Formal public consultation

In July 2022, we published the draft strategy and action plan for public consultation. We received 212 responses; 71 from organisations, and 141 from individuals. We have incorporated feedback into this final strategy, and accompanying action plan (we will also publish a consultation report shortly).

Ongoing engagement and participation

We recognise the value in continuing to engage across sectors and with new and existing partners and organisations; as well as hearing first hand from people with lived experience. We are committed to maintaining this participative approach as the strategy and action plan are implemented.

In particular, we know there is further work needed to fully understand the needs of children and young people. We will work with the new Youth Advisory Group – and other leading children and young people’s organisations and groups – to understand their needs and co-produce approaches with them.
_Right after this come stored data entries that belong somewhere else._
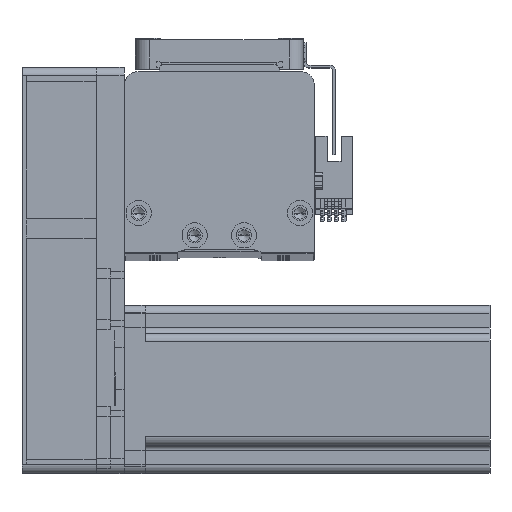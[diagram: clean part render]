
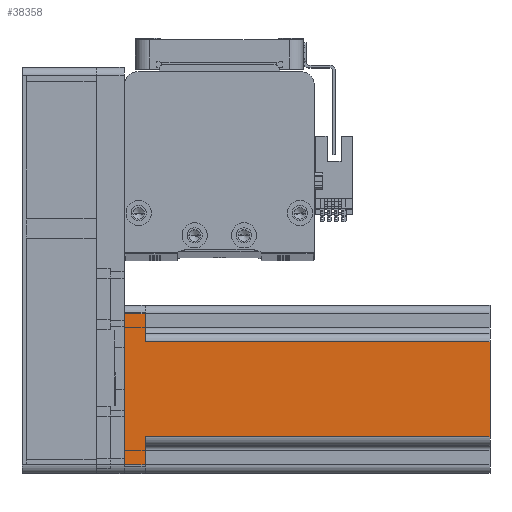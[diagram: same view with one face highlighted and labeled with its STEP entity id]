
A CAD part, top view. The second image highlights one B-rep face of the part: STEP entity #38358.
In plain terms, the highlighted planar face has unit normal (0, 0, 1) as drawn and (0, -1, 0) by its records, which use the part's own axes.
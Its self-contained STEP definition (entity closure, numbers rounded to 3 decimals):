
#3475 = VECTOR ( 'NONE', #11226, 1000. ) ;
#3846 = VECTOR ( 'NONE', #12058, 1000. ) ;
#3948 = CARTESIAN_POINT ( 'NONE',  ( -20., -30., 7.5 ) ) ;
#4629 = LINE ( 'NONE', #26520, #3475 ) ;
#6119 = VERTEX_POINT ( 'NONE', #35513 ) ;
#6276 = DIRECTION ( 'NONE',  ( 0., 1., 0. ) ) ;
#6592 = CARTESIAN_POINT ( 'NONE',  ( 17., -30., 130.7 ) ) ;
#7704 = LINE ( 'NONE', #36954, #37252 ) ;
#8278 = LINE ( 'NONE', #6592, #17334 ) ;
#8751 = VECTOR ( 'NONE', #41362, 1000. ) ;
#11211 = LINE ( 'NONE', #29882, #8751 ) ;
#11226 = DIRECTION ( 'NONE',  ( -1., 0., 0. ) ) ;
#11438 = EDGE_CURVE ( 'NONE', #6119, #37510, #7704, .T. ) ;
#12058 = DIRECTION ( 'NONE',  ( 0., 0., 1. ) ) ;
#12127 = VECTOR ( 'NONE', #18384, 1000. ) ;
#13516 = EDGE_CURVE ( 'NONE', #25390, #30794, #11211, .T. ) ;
#13891 = DIRECTION ( 'NONE',  ( 0., 0., -1. ) ) ;
#13902 = CARTESIAN_POINT ( 'NONE',  ( -17., -30., 7.5 ) ) ;
#14709 = EDGE_LOOP ( 'NONE', ( #31084, #22970, #35718, #37850, #21451, #24242, #36331, #18157 ) ) ;
#15702 = FACE_OUTER_BOUND ( 'NONE', #14709, .T. ) ;
#17047 = LINE ( 'NONE', #19667, #46592 ) ;
#17334 = VECTOR ( 'NONE', #37431, 1000. ) ;
#18157 = ORIENTED_EDGE ( 'NONE', *, *, #29664, .T. ) ;
#18384 = DIRECTION ( 'NONE',  ( 0., 0., -1. ) ) ;
#18782 = VERTEX_POINT ( 'NONE', #20125 ) ;
#19667 = CARTESIAN_POINT ( 'NONE',  ( 30., -30., 130.7 ) ) ;
#20125 = CARTESIAN_POINT ( 'NONE',  ( 27., -30., 7.5 ) ) ;
#20327 = CARTESIAN_POINT ( 'NONE',  ( -27., -30., 0. ) ) ;
#20888 = EDGE_CURVE ( 'NONE', #25972, #37510, #38598, .T. ) ;
#21451 = ORIENTED_EDGE ( 'NONE', *, *, #13516, .T. ) ;
#21576 = CARTESIAN_POINT ( 'NONE',  ( 27., -30., 0. ) ) ;
#22408 = LINE ( 'NONE', #33694, #12127 ) ;
#22970 = ORIENTED_EDGE ( 'NONE', *, *, #11438, .T. ) ;
#23021 = VERTEX_POINT ( 'NONE', #31754 ) ;
#23708 = CARTESIAN_POINT ( 'NONE',  ( 27., -30., 130.7 ) ) ;
#23895 = EDGE_CURVE ( 'NONE', #25972, #25390, #22408, .T. ) ;
#24242 = ORIENTED_EDGE ( 'NONE', *, *, #31438, .T. ) ;
#25390 = VERTEX_POINT ( 'NONE', #20327 ) ;
#25947 = VECTOR ( 'NONE', #30923, 1000. ) ;
#25972 = VERTEX_POINT ( 'NONE', #31880 ) ;
#26520 = CARTESIAN_POINT ( 'NONE',  ( 20., -30., 7.5 ) ) ;
#29361 = CARTESIAN_POINT ( 'NONE',  ( 30., -30., 130.7 ) ) ;
#29664 = EDGE_CURVE ( 'NONE', #32562, #23021, #8278, .T. ) ;
#29882 = CARTESIAN_POINT ( 'NONE',  ( 30., -30., 0. ) ) ;
#30794 = VERTEX_POINT ( 'NONE', #21576 ) ;
#30923 = DIRECTION ( 'NONE',  ( 1., 0., 0. ) ) ;
#31084 = ORIENTED_EDGE ( 'NONE', *, *, #37204, .F. ) ;
#31438 = EDGE_CURVE ( 'NONE', #30794, #18782, #43668, .T. ) ;
#31754 = CARTESIAN_POINT ( 'NONE',  ( 17., -30., 130.7 ) ) ;
#31880 = CARTESIAN_POINT ( 'NONE',  ( -27., -30., 7.5 ) ) ;
#32562 = VERTEX_POINT ( 'NONE', #40922 ) ;
#33239 = DIRECTION ( 'NONE',  ( -1., 0., 0. ) ) ;
#33694 = CARTESIAN_POINT ( 'NONE',  ( -27., -30., 130.7 ) ) ;
#35513 = CARTESIAN_POINT ( 'NONE',  ( -17., -30., 130.7 ) ) ;
#35718 = ORIENTED_EDGE ( 'NONE', *, *, #20888, .F. ) ;
#36331 = ORIENTED_EDGE ( 'NONE', *, *, #48662, .T. ) ;
#36943 = PLANE ( 'NONE',  #45523 ) ;
#36954 = CARTESIAN_POINT ( 'NONE',  ( -17., -30., 130.7 ) ) ;
#37204 = EDGE_CURVE ( 'NONE', #6119, #23021, #17047, .T. ) ;
#37252 = VECTOR ( 'NONE', #13891, 1000. ) ;
#37431 = DIRECTION ( 'NONE',  ( 0., 0., 1. ) ) ;
#37510 = VERTEX_POINT ( 'NONE', #13902 ) ;
#37850 = ORIENTED_EDGE ( 'NONE', *, *, #23895, .T. ) ;
#38358 = ADVANCED_FACE ( 'NONE', ( #15702 ), #36943, .F. ) ;
#38598 = LINE ( 'NONE', #3948, #25947 ) ;
#40922 = CARTESIAN_POINT ( 'NONE',  ( 17., -30., 7.5 ) ) ;
#41362 = DIRECTION ( 'NONE',  ( 1., 0., 0. ) ) ;
#42578 = DIRECTION ( 'NONE',  ( 1., 0., 0. ) ) ;
#43668 = LINE ( 'NONE', #23708, #3846 ) ;
#45523 = AXIS2_PLACEMENT_3D ( 'NONE', #29361, #6276, #33239 ) ;
#46592 = VECTOR ( 'NONE', #42578, 1000. ) ;
#48662 = EDGE_CURVE ( 'NONE', #18782, #32562, #4629, .T. ) ;

We also know that some groups have suicide prevention needs which are specific to their experiences, such as LGBTI people, racialised groups, and migrants. We are fully committed to engaging with members of these communities – and trusted organisations who work with and for them – to ensure we continue to build our understanding of their needs and take tailored suicide prevention approaches.

The diagram below demonstrates the way in which the work will be informed, as the strategy and action plan are implemented.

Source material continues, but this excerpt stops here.